Especially with Dikembe wanting revenge on his former team.


----------



## Erock10 (Sep 17, 2004)

I'm going to go out on a limb here and make a bold prediction:

Curry will completely lock down Ming tonight


----------



## fl_flash (Aug 19, 2002)

> Originally posted by <b>ace20004u</b>!
> Is this game being televised on pass?


I don't think so. It seems that League Pass has been rather selective on which preseason games they're showing. They definatly aren't airing all the games that are being broadcast.

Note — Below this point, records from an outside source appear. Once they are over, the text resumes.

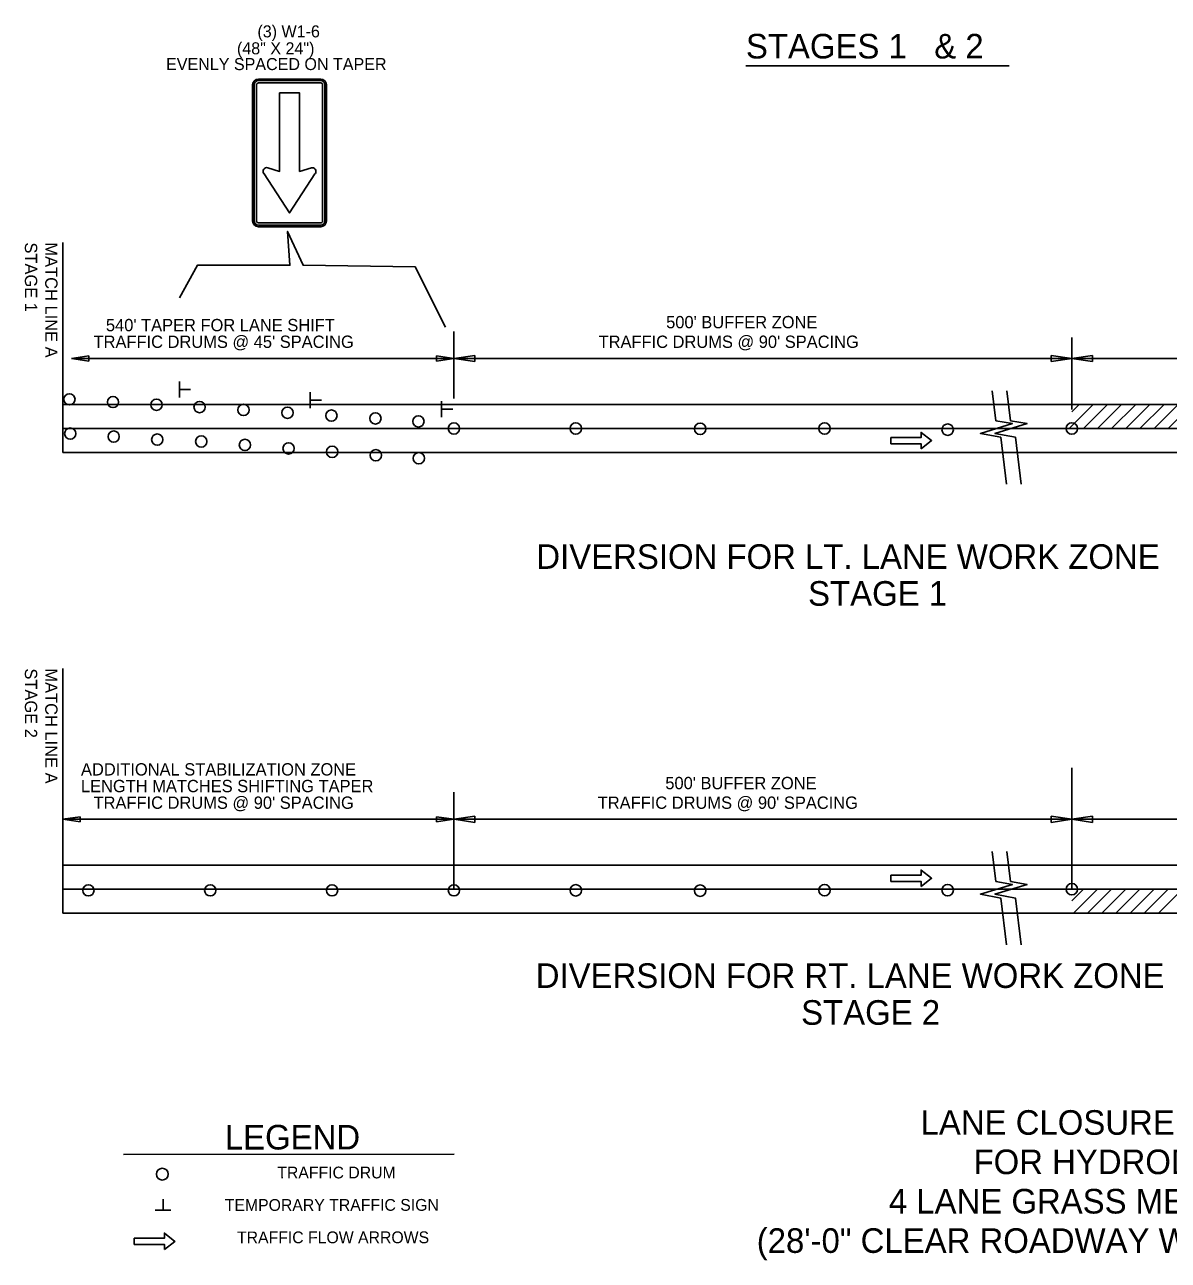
# Model space of a CAD drawing. Extents: x 1930579 to 1938222, y 596452 to 597761.
# Drawn here: x 1936678 to 1937236, y 596554 to 597157 of the extents above; entities that cross this region are included whole.
import ezdxf

# ---------------------------------------------------------------- set-up
doc = ezdxf.new("R2010")
doc.units = 0
for name, color, linetype in [('Default', 7, 'Continuous'), ('P_TC_Signs_Permanent', 7, 'Continuous'), ('R_Border', 7, 'Continuous'), ('R_MOT', 7, 'Continuous'), ('R_Striping', 7, 'Continuous')]:
    doc.layers.add(name, color=color, linetype=linetype)

msp = doc.modelspace()

# ---------------------------------------------------------------- linework, layer by layer
at = {"layer": 'Default'}
for p, q in [((1937029.73, 597136.48), (1937158.05, 597136.48)), ((1936696.54, 597050.33), (1936696.54, 596947.87)), ((1936887.3, 597006.91), (1936887.3, 596974.28)), ((1937188.67, 597003.98), (1937188.67, 596968.94)), ((1936700.72, 596993.7), (1936709.21, 596994.97)), ((1936887.3, 596993.7), (1936700.72, 596993.7)), ((1936709.21, 596992.42), (1936700.72, 596993.7)), ((1936709.21, 596994.97), (1936709.21, 596992.42)), ((1936878.81, 596992.42), (1936878.81, 596994.97)), ((1936878.81, 596994.97), (1936887.3, 596993.7)), ((1936887.3, 596993.7), (1936878.81, 596992.42)), ((1937188.67, 596993.7), (1936887.3, 596993.7)), ((1936887.38, 596993.7), (1936897.44, 596995.21)), ((1936897.44, 596992.19), (1936887.38, 596993.7)), ((1936897.44, 596995.21), (1936897.44, 596992.19)), ((1937178.61, 596992.19), (1937178.61, 596995.21)), ((1937178.61, 596995.21), (1937188.67, 596993.7)), ((1937188.67, 596993.7), (1937178.61, 596992.19)), ((1937188.67, 596993.7), (1937198.73, 596995.21)), ((1937516.16, 596993.7), (1937188.67, 596993.7)), ((1937198.73, 596992.19), (1937188.67, 596993.7)), ((1937198.73, 596995.21), (1937198.73, 596992.19)), ((1936753.38, 596974.79), (1936753.38, 596982.58)), ((1936753.49, 596978.66), (1936758.81, 596978.66)), ((1936817.26, 596969.5), (1936817.26, 596977.29)), ((1937643.39, 596971.31), (1936696.54, 596971.31)), ((1936817.37, 596973.37), (1936822.69, 596973.37)), ((1936881.28, 596965.09), (1936881.28, 596972.88)), ((1936881.4, 596968.97), (1936886.72, 596968.97)), ((1937187.39, 596959.59), (1937199.11, 596971.31)), ((1937188.67, 596967.77), (1937192.21, 596971.31)), ((1937194.3, 596959.59), (1937206.02, 596971.31)), ((1937201.21, 596959.59), (1937212.92, 596971.31)), ((1937208.11, 596959.59), (1937219.83, 596971.31)), ((1937215.02, 596959.59), (1937226.73, 596971.31)), ((1937221.92, 596959.59), (1937233.64, 596971.31)), ((1937228.83, 596959.59), (1937240.55, 596971.31)), ((1937235.73, 596959.59), (1937247.45, 596971.31)), ((1936696.54, 596959.59), (1937643.39, 596959.59)), ((1936696.54, 596947.87), (1936970.48, 596947.87)), ((1937643.39, 596947.87), (1936696.54, 596947.87)), ((1936954.98, 596947.87), (1937223.6, 596947.87)), ((1937162.33, 596947.87), (1937188.46, 596947.87)), ((1937188.46, 596947.87), (1937335.53, 596947.87)), ((1936696.54, 596842.59), (1936696.54, 596723.17)), ((1937188.67, 596794.08), (1937188.67, 596744.24)), ((1937188.67, 596794.08), (1937188.67, 596744.24)), ((1936887.3, 596782.21), (1936887.3, 596734.89)), ((1937188.67, 596782.21), (1937188.67, 596734.89)), ((1936696.54, 596769), (1936705.03, 596770.27)), ((1936887.3, 596769), (1936696.54, 596769)), ((1936705.03, 596767.72), (1936696.54, 596769)), ((1936705.03, 596770.27), (1936705.03, 596767.72)), ((1936878.81, 596767.72), (1936878.81, 596770.27)), ((1936878.81, 596770.27), (1936887.3, 596769)), ((1936887.3, 596769), (1936878.81, 596767.72)), ((1937188.67, 596769), (1936887.3, 596769)), ((1936887.38, 596769), (1936897.44, 596770.51)), ((1936897.44, 596767.49), (1936887.38, 596769)), ((1936897.44, 596770.51), (1936897.44, 596767.49)), ((1937178.61, 596767.49), (1937178.61, 596770.51)), ((1937178.61, 596770.51), (1937188.67, 596769)), ((1937188.67, 596769), (1937178.61, 596767.49)), ((1937188.67, 596769), (1937198.73, 596770.51)), ((1937516.16, 596769), (1937188.67, 596769)), ((1937198.73, 596767.49), (1937188.67, 596769)), ((1937198.73, 596770.51), (1937198.73, 596767.49)), ((1937643.39, 596746.61), (1936696.54, 596746.61)), ((1936696.54, 596734.89), (1937643.39, 596734.89)), ((1937188.67, 596729.26), (1937194.3, 596734.89)), ((1937189.49, 596723.17), (1937201.21, 596734.89)), ((1937196.39, 596723.17), (1937208.11, 596734.89)), ((1937203.3, 596723.17), (1937215.02, 596734.89)), ((1937210.2, 596723.17), (1937221.92, 596734.89)), ((1937217.11, 596723.17), (1937228.83, 596734.89)), ((1937224.01, 596723.17), (1937235.73, 596734.89)), ((1937230.92, 596723.17), (1937242.64, 596734.89)), ((1936696.54, 596723.17), (1936970.48, 596723.17)), ((1937643.39, 596723.17), (1936696.54, 596723.17)), ((1936954.98, 596723.17), (1937223.6, 596723.17)), ((1937162.33, 596723.17), (1937188.46, 596723.17)), ((1937188.46, 596723.17), (1937335.53, 596723.17))]:
    msp.add_line(p, q, dxfattribs=at)
for points in [[(1937149.85, 596978.04), (1937151.68, 596963.38), (1937159.74, 596961.96), (1937144.09, 596957.22), (1937154.05, 596955.32), (1937156.8, 596932.48)], [(1937156.96, 596978.04), (1937158.79, 596963.38), (1937166.85, 596961.96), (1937151.2, 596957.22), (1937161.16, 596955.32), (1937163.91, 596932.48)], [(1937149.85, 596753.34), (1937151.68, 596738.68), (1937159.74, 596737.26), (1937144.09, 596732.52), (1937154.05, 596730.62), (1937156.8, 596707.78)], [(1937156.96, 596753.34), (1937158.79, 596738.68), (1937166.85, 596737.26), (1937151.2, 596732.52), (1937161.16, 596730.62), (1937163.91, 596707.78)]]:
    msp.add_lwpolyline(points, dxfattribs=at)
for centre, radius in [((1936699.79, 596973.82), 2.75), ((1936721.02, 596972.51), 2.75), ((1936742.25, 596971.19), 2.75), ((1936763.24, 596970.03), 2.75), ((1936784.68, 596968.65), 2.75), ((1936806.12, 596967.26), 2.75), ((1936827.55, 596965.88), 2.75), ((1936848.99, 596964.5), 2.75), ((1936869.99, 596963.06), 2.75), ((1936887.3, 596959.59), 2.75), ((1936946.73, 596959.59), 2.8), ((1937007.41, 596959.44), 2.8), ((1937068.09, 596959.59), 2.8), ((1937128.13, 596959.01), 2.8), ((1937188.67, 596959.59), 2.8), ((1936700.15, 596957.12), 2.75), ((1936721.36, 596955.65), 2.75), ((1936742.58, 596954.17), 2.75), ((1936764.09, 596953.25), 2.75), ((1936785.37, 596951.58), 2.75), ((1936806.65, 596949.9), 2.75), ((1936827.93, 596948.22), 2.75), ((1936849.21, 596946.54), 2.75), ((1936870.19, 596945.08), 2.75), ((1936709.01, 596734.35), 2.75), ((1936768.44, 596734.35), 2.75), ((1936827.87, 596734.35), 2.75), ((1936887.3, 596734.35), 2.75), ((1936946.73, 596734.35), 2.8), ((1937007.41, 596734.21), 2.8), ((1937068.09, 596734.41), 2.8), ((1937128.13, 596734.42), 2.8), ((1937188.67, 596734.89), 2.8), ((1936745.07, 596595.94), 2.88)]:
    msp.add_circle(centre, radius, dxfattribs=at)
at = {"layer": 'P_TC_Signs_Permanent'}
for p, q in [((1936789.13, 597127.18), (1936789.13, 597060.81)), ((1936789.88, 597127.18), (1936789.88, 597060.81)), ((1936791.01, 597127.18), (1936791.01, 597060.81)), ((1936822.32, 597129.99), (1936791.95, 597129.99)), ((1936822.32, 597129.24), (1936791.95, 597129.24)), ((1936822.32, 597128.12), (1936791.95, 597128.12)), ((1936823.26, 597060.81), (1936823.26, 597127.18)), ((1936824.38, 597060.81), (1936824.38, 597127.18)), ((1936825.13, 597060.81), (1936825.13, 597127.18)), ((1936791.95, 597059.87), (1936822.32, 597059.87)), ((1936791.95, 597058.74), (1936822.32, 597058.74)), ((1936791.95, 597057.99), (1936822.32, 597057.99))]:
    msp.add_line(p, q, dxfattribs=at)
for points in [[(1936817.77, 597086.7), (1936812.01, 597084.98), (1936812.01, 597123.24), (1936802.26, 597123.24), (1936802.26, 597084.98), (1936796.51, 597086.73)], [(1936794.69, 597083.74), (1936807.13, 597064.74), (1936819.54, 597083.75)]]:
    msp.add_lwpolyline(points, dxfattribs=at)
for centre, radius, start, end in [((1936791.95, 597127.18), 2.81, 90, 180), ((1936791.95, 597127.18), 2.06, 90, 180), ((1936791.95, 597127.18), 0.938, 90, 180), ((1936822.32, 597127.18), 2.81, 360, 90), ((1936822.32, 597127.18), 2.06, 360, 90), ((1936822.32, 597127.18), 0.937, 360, 90), ((1936796.02, 597085), 1.8, 74.03093, 213.47548), ((1936731.96, 597042.64), 75, 33.2286, 33.47548), ((1936818.25, 597085), 1.76, 326.59943, 105.96908), ((1936882.34, 597042.74), 75, 146.59943, 146.85697), ((1936791.95, 597060.81), 2.81, 180, 270), ((1936791.95, 597060.81), 2.06, 180, 270), ((1936791.95, 597060.81), 0.938, 180, 270), ((1936822.32, 597060.81), 2.81, 270, 360), ((1936822.32, 597060.81), 2.06, 270, 360), ((1936822.32, 597060.81), 0.938, 270, 360)]:
    msp.add_arc(centre, radius, start, end, dxfattribs=at)
at = {"layer": 'R_Border'}
for p, q in [((1936726.09, 596605.58), (1936887.49, 596605.69)), ((1936745.44, 596578.5), (1936745.44, 596583.74)), ((1936749.26, 596578.39), (1936741.58, 596578.39))]:
    msp.add_line(p, q, dxfattribs=at)
msp.add_lwpolyline([(1936753.38, 597023.29), (1936762.17, 597039.21), (1936807.32, 597039.21), (1936806.15, 597055.7), (1936813.77, 597039.21), (1936868.47, 597038.42), (1936883.18, 597008.99)], dxfattribs=at)
at = {"layer": 'R_MOT'}
msp.add_lwpolyline([(1936746.07, 596559.17), (1936751.26, 596563.18), (1936746.07, 596567.17), (1936746.07, 596564.67), (1936731.36, 596564.66), (1936731.36, 596561.66), (1936746.07, 596561.67)], close=True, dxfattribs=at)
at = {"layer": 'R_Striping'}
for points in [[(1937115.13, 596949.68), (1937120.32, 596953.68), (1937115.13, 596957.68), (1937115.13, 596955.18), (1937100.41, 596955.18), (1937100.41, 596952.18), (1937115.13, 596952.18)], [(1937115.13, 596736.23), (1937120.32, 596740.23), (1937115.13, 596744.23), (1937115.13, 596741.73), (1937100.41, 596741.73), (1937100.41, 596738.73), (1937115.13, 596738.73)]]:
    msp.add_lwpolyline(points, close=True, dxfattribs=at)

# ---------------------------------------------------------------- texts
at = {"layer": 'Default'}
for s, height, rotation, p in [('STAGES 1   & 2', 12, 360, (1937029.73, 597140.05)), ('STAGE 1', 6, 270, (1936678.04, 597050.33)), ('MATCH LINE A ', 6, 270, (1936687.95, 597050.33)), ("540' TAPER FOR LANE SHIFT", 6, 360, (1936717.57, 597007.03)), ("500' BUFFER ZONE", 6, 360, (1936990.82, 597008.47)), ("TRAFFIC DRUMS @ 45' SPACING", 6, 360, (1936711.54, 596998.9)), ("TRAFFIC DRUMS @ 90' SPACING", 6, 360, (1936957.86, 596998.9)), ('DIVERSION FOR LT. LANE WORK ZONE', 12, 360, (1936927.5, 596891.14)), ('STAGE 1', 12, 360, (1937060.06, 596873.16)), ('STAGE 2', 6, 270, (1936678.04, 596842.59)), ('MATCH LINE A ', 6, 270, (1936687.95, 596842.59)), ('ADDITIONAL STABILIZATION ZONE', 6, 360, (1936705.41, 596790.36)), ('LENGTH MATCHES SHIFTING TAPER', 6, 360, (1936705.38, 596782.23)), ("500' BUFFER ZONE", 6, 360, (1936990.42, 596783.68)), ("TRAFFIC DRUMS @ 90' SPACING", 6, 360, (1936711.54, 596774.11)), ("TRAFFIC DRUMS @ 90' SPACING", 6, 360, (1936957.45, 596774.11)), ('DIVERSION FOR RT. LANE WORK ZONE', 12, 360, (1936927.21, 596686.77)), ('STAGE 2', 12, 360, (1937056.66, 596668.8)), ('LANE CLOSURE WITH TRAFFIC DRUMS', 12, 360, (1937114.93, 596615.15)), ('FOR HYDRODEMOLITION BRIDGES ', 12, 360, (1937140.73, 596595.95)), ('4 LANE GRASS MEDIAN DIVIDED HIGHWAY', 12, 360, (1937099.44, 596576.75)), ('(28\'-0" CLEAR ROADWAY WIDTH ON THE BRIDGE DECK)', 12, 360, (1937035, 596557.55))]:
    msp.add_text(s, height=height, rotation=rotation, dxfattribs=at).set_placement(p)
at = {"layer": 'R_Border'}
for s, height, rotation, p in [('(3) W1-6', 5.859, 0.00754, (1936791.46, 597150.34)), ('(48" X 24")', 5.8594, 0.00754, (1936781.48, 597142.07)), ('EVENLY SPACED ON TAPER', 5.8594, 0.00754, (1936746.9, 597134.38)), ('LEGEND', 12, 0.03878, (1936775.57, 596607.95)), ('TRAFFIC DRUM', 5.76, 0.03876, (1936801.15, 596593.84)), ('TEMPORARY TRAFFIC SIGN', 5.76, 0.03876, (1936775.54, 596578.01)), ('TRAFFIC FLOW ARROWS', 5.76, 0.03876, (1936781.5, 596562.21))]:
    msp.add_text(s, height=height, rotation=rotation, dxfattribs=at).set_placement(p)

doc.saveas('drawing.dxf')

On the game, I think this will be a good test of this teams character. I'm wondering if we're going to have something of a repeat of the 30 win season where we were pretty good at home and awful on the road (3 road wins all season). Too bad I won't get to see Curry go at Yao. I think Eddy takes these matchups more seriously when he gets to go against an elite calibre center. Tyson could have a big game as they really don't have a PF who matches up with him. McGrady should have a field day and I am also curious as to who guards him.

I'm hoping these guys keep it at least close. I would fully expect a superior team like the Rockets to have a relatively easy time against the Bulls, especially in Houston.


----------



## bullet (Jul 1, 2003)

Houston Wins...


But I think TMac will find him self on his butt at least 5 times in the game!


----------



## smARTmouf (Jul 16, 2002)

...I'm predicting T-mac gets in to an altercation with one of our Pitbulls...


----------



## JRose5 (May 4, 2003)

Same starting lineup as last game.


I don't know about anyone else, but I kind of like the shiny uniforms better then the mesh, they look pretty good.


11:45, turnover on Curry, good start.


----------



## The_Franchise (Mar 30, 2003)

The Toyota Center is extremely empty, everyone in Houston is watching the Astros game. 

Nice jump hook by Curry.

6-4 Houston


----------



## elias03 (Nov 8, 2003)

aanyone has the link so i can listen?


----------



## lister333 (May 6, 2003)

Does anyone here is listening trough the internet?


----------



## JRose5 (May 4, 2003)

****, that was a nice play.
Deng to Nocioni for the stuff and the foul.

Charlie Ward is also on fire.


----------



## bullet (Jul 1, 2003)

> Originally posted by <b>JRose5</b>!
> ****, that was a nice play.
> Deng to Nocioni for the stuff and the foul.
> 
> Charlie Ward is also on fire.


JRose - R u seeing the game???

If u r , please please post some updates of whats going on...if u can ofcourse...

I can only see the live score but not whats happenning and no stats(and DaBullz is busy)

Thanks anyway


----------



## lister333 (May 6, 2003)

Nba.com is putting the game of utah against phoenix instead of bulls and rockets 
Anyone is experiencing the samething?


----------



## JRose5 (May 4, 2003)

> Originally posted by <b>bullet</b>!
> 
> 
> JRose - R u seeing the game???
> ...


Yea I gotcha, Bulls down 17-22 now. 3:30 left first quarter.

We're getting torched from behind the 3 point line.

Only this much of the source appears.